Second Predictive Policing Symposium

At the Second Predictive Policing Symposium, Debra Piehl, president of the Massachusetts Association of Crime Analysts, explained that most small- and medium-size departments struggle with the analytic process, particularly where to start and how much will it cost. Departments must look at the operational impact and efficiency gained from crime analysis. She warned, however, that the only way the process can move forward is by incorporating data quality measures into business practices.

Jim Mallard, technology director of the International Association of Crime Analysts, agreed that data drive everything else. "Analysts must have good, clean data that are readily available," he said. Mallard urged participants to sit down and have a frank discussion about the quality of the data in their data management systems. "The size of the agency does not matter," Mallard continued. "If you have 50 or 500 officers, you can still manage data using programs like Microsoft Access."

Participants identified potential non-traditional data sources like social networking sites. They agreed that the data are limitless, and they need to be creative in what they look for. Susan Smith, a crime analyst in the Shawnee (Kan.) Police Department, encouraged departments to look at new kinds of data such as eviction data, school data, zoning information and mental health data.

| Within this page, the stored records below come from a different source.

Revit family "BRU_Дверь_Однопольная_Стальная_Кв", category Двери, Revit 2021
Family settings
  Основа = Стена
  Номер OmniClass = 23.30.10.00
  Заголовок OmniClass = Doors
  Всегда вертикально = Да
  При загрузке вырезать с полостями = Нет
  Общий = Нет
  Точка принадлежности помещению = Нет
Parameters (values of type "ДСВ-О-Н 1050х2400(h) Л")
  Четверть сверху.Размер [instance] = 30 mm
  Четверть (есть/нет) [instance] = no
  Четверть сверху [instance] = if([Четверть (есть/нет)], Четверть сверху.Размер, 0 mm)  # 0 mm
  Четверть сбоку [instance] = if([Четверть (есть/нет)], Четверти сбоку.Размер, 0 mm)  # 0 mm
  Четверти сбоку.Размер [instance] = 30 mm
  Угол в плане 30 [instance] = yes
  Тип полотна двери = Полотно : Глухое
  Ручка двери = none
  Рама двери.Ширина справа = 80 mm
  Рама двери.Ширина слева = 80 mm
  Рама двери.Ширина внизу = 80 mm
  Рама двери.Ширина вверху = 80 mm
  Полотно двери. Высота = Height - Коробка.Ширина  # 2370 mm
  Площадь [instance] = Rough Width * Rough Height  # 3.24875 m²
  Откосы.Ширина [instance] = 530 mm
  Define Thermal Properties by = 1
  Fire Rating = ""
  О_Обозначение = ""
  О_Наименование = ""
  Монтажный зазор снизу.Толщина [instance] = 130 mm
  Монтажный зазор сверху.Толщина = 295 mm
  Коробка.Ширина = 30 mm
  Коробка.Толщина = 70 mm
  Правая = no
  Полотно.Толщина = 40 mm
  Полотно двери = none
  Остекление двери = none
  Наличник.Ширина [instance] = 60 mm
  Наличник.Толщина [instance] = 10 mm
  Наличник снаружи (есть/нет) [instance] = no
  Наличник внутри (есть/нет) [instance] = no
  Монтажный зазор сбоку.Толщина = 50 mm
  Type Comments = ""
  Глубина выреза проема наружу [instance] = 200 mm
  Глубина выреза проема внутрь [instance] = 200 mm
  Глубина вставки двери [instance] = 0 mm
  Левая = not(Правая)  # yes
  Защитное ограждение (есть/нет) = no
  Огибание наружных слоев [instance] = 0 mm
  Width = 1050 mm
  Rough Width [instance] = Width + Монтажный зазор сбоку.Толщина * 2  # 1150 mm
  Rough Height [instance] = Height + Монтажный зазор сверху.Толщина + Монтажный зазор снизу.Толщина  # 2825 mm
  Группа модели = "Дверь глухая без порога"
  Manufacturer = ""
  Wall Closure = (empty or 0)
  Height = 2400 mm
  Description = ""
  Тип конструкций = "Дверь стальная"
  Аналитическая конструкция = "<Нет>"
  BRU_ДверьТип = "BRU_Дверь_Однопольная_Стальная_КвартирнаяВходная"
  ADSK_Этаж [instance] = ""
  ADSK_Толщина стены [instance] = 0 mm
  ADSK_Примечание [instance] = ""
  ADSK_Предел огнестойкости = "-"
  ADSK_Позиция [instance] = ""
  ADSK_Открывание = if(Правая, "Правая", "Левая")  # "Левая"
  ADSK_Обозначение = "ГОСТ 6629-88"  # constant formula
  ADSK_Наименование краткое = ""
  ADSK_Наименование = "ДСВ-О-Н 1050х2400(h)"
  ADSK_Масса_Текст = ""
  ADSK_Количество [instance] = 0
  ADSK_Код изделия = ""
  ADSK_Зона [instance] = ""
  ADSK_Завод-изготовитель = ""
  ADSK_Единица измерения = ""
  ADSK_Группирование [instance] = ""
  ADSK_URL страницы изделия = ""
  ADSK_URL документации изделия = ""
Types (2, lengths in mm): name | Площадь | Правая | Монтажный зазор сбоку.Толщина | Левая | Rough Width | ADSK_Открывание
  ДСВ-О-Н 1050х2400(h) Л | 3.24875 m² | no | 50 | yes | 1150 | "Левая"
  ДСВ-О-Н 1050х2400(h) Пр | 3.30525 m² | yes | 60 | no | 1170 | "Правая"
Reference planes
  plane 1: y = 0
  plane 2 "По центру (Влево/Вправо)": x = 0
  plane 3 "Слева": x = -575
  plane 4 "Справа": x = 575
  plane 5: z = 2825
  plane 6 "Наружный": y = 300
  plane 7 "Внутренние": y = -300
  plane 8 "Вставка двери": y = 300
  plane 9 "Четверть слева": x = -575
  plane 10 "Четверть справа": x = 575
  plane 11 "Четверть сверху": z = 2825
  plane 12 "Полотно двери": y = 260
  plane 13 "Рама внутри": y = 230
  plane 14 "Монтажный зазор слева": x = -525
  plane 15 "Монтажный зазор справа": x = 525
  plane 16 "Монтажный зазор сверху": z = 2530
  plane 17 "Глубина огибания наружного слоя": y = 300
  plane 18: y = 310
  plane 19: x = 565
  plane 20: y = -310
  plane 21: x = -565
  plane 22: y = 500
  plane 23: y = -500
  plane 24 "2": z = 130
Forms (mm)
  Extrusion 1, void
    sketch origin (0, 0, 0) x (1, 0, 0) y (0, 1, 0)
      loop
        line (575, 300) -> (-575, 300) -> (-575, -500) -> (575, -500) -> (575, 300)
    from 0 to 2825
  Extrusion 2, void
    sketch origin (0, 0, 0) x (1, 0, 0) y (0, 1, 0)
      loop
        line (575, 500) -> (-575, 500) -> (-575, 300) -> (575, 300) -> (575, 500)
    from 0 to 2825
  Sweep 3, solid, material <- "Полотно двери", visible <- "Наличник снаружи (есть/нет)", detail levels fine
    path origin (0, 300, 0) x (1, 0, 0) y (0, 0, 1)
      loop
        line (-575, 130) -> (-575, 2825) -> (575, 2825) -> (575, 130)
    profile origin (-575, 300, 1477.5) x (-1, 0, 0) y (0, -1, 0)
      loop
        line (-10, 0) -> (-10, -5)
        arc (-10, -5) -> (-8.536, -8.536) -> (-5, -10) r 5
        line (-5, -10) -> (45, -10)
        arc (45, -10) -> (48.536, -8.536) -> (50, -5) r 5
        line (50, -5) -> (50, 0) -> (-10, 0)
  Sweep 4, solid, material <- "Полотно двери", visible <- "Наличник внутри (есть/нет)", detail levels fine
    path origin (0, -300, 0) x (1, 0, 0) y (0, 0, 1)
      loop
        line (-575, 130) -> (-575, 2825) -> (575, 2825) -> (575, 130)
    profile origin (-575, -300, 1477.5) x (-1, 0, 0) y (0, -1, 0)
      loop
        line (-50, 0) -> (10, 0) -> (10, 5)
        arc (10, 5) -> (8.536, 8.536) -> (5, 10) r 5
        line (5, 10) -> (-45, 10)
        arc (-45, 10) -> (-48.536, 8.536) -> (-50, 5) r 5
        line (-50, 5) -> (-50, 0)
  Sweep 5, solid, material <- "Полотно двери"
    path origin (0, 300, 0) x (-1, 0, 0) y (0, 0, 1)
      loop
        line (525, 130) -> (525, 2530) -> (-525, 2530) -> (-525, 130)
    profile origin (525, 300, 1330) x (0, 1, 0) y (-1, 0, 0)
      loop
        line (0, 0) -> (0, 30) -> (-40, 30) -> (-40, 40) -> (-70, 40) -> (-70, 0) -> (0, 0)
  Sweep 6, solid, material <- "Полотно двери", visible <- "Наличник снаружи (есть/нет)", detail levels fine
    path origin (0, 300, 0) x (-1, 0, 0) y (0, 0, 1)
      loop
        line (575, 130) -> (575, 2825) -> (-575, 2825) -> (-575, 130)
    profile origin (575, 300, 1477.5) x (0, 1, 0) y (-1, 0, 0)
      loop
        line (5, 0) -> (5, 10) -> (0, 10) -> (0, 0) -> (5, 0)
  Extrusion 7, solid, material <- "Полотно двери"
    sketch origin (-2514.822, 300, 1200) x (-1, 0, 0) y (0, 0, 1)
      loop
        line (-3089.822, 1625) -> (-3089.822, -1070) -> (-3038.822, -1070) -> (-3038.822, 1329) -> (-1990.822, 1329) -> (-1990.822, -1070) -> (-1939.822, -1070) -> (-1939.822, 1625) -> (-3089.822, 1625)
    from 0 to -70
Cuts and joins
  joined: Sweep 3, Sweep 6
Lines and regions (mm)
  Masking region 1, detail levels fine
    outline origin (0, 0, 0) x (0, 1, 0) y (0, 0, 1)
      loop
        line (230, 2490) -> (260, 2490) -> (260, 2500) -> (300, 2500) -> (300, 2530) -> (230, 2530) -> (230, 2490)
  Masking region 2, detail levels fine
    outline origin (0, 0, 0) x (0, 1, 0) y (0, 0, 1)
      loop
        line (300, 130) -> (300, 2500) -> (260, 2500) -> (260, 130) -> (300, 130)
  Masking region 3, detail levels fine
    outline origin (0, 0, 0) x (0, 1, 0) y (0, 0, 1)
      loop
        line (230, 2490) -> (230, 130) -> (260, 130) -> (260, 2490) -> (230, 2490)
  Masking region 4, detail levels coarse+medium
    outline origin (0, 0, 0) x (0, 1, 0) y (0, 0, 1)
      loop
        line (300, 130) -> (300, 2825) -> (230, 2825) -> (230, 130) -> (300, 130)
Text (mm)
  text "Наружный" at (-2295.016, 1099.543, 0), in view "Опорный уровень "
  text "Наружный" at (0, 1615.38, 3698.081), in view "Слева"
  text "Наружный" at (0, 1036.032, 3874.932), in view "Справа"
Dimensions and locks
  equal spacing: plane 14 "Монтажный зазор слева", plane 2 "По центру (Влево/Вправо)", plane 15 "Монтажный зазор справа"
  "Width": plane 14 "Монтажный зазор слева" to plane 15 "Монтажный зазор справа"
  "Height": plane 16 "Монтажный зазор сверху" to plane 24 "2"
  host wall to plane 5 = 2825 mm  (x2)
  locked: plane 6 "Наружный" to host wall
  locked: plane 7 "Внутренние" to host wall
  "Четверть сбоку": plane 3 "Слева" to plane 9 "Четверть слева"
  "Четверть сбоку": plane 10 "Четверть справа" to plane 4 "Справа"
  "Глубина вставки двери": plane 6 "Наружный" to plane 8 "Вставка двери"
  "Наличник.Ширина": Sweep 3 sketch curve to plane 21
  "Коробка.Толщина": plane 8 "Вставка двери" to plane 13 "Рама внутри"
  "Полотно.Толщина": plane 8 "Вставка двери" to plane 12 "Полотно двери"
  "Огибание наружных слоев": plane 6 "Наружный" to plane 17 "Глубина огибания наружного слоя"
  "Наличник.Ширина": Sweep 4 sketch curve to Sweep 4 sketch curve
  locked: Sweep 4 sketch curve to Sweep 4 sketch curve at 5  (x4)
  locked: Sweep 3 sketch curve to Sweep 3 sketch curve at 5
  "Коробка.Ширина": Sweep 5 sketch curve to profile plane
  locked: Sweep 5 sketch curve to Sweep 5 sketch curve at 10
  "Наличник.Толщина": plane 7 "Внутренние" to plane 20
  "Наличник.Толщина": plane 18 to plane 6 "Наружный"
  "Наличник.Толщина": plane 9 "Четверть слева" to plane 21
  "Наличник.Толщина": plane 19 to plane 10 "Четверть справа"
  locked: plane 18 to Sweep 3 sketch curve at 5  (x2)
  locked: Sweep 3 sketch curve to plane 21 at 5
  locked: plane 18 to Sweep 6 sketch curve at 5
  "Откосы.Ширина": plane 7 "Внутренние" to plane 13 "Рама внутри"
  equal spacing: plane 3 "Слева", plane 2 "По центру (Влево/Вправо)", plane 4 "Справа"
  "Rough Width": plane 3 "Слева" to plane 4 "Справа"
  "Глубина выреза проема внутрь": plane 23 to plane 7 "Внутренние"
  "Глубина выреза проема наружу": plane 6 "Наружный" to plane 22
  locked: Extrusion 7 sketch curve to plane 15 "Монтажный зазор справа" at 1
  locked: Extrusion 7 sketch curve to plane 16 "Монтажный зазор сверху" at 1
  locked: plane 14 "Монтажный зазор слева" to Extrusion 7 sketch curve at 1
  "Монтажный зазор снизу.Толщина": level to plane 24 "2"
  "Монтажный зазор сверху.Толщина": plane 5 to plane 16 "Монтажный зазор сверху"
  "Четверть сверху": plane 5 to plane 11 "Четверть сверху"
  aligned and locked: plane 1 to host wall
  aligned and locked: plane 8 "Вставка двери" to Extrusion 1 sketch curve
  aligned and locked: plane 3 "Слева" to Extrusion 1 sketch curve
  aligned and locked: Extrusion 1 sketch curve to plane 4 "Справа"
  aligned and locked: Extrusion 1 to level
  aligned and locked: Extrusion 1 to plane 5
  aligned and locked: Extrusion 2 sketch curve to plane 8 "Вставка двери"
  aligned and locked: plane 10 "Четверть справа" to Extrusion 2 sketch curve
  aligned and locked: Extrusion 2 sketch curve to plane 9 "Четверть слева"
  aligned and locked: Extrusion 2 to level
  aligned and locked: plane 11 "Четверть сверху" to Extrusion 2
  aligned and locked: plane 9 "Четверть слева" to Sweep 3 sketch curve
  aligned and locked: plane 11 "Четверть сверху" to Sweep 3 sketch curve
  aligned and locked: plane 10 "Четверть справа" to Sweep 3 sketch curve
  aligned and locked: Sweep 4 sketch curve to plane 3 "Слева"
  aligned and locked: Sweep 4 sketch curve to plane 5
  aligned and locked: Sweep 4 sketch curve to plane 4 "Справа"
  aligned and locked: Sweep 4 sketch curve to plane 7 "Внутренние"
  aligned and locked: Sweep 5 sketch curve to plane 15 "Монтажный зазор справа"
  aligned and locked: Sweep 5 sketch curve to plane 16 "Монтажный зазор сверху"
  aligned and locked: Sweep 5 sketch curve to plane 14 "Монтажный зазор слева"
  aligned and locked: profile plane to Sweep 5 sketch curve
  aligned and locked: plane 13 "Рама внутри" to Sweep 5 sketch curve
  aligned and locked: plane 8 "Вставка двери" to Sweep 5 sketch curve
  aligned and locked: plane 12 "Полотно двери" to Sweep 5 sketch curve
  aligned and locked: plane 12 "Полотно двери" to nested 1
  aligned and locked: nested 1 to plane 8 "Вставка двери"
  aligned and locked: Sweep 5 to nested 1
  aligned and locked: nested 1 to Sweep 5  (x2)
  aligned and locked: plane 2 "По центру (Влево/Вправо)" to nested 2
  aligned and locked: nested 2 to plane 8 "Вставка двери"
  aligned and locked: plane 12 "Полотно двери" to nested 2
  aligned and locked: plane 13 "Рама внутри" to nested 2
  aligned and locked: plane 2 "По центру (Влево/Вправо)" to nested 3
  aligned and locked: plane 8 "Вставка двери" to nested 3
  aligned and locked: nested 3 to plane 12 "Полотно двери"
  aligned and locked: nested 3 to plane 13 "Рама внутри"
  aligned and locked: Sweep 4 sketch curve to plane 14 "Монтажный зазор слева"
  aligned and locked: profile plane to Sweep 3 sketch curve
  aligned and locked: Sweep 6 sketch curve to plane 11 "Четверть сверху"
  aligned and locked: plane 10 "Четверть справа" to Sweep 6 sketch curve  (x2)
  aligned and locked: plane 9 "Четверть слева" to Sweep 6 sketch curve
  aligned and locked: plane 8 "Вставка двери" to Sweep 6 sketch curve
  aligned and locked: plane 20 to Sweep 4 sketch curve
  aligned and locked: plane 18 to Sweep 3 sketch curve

Jim Lucht, director of the Providence Plan, discussed one particular tool that agencies can use to access data on returning prisoners. His group worked with NIJ, the Department of Corrections, the Providence Police Department and a reentry service organization to build a system that maps people coming out of prison, offense type and available services based on offense type. "The Internet-based system allows for easy communication between police and probation," Lucht said. The system also enables reentry groups to give service referrals and get statistics from policy initiatives.

Participants also emphasized the importance of having an effective analyst: "If your department is too small, borrow an analyst from a larger neighboring agency," Smith suggested.

"We are changing the way we do police work," explained Michael Freeman, civilian analyst/reserve officer at the Dallas Fusion Center. "It is no longer reactive — it is proactive," he said. "We can throw a dot on a map, but we must know what is behind that dot, what is behind that crime problem." Freeman stressed the importance of having an analyst with a police background. "Crime — analysts who lack a police background often look at the information and do not see that something is missing," he said.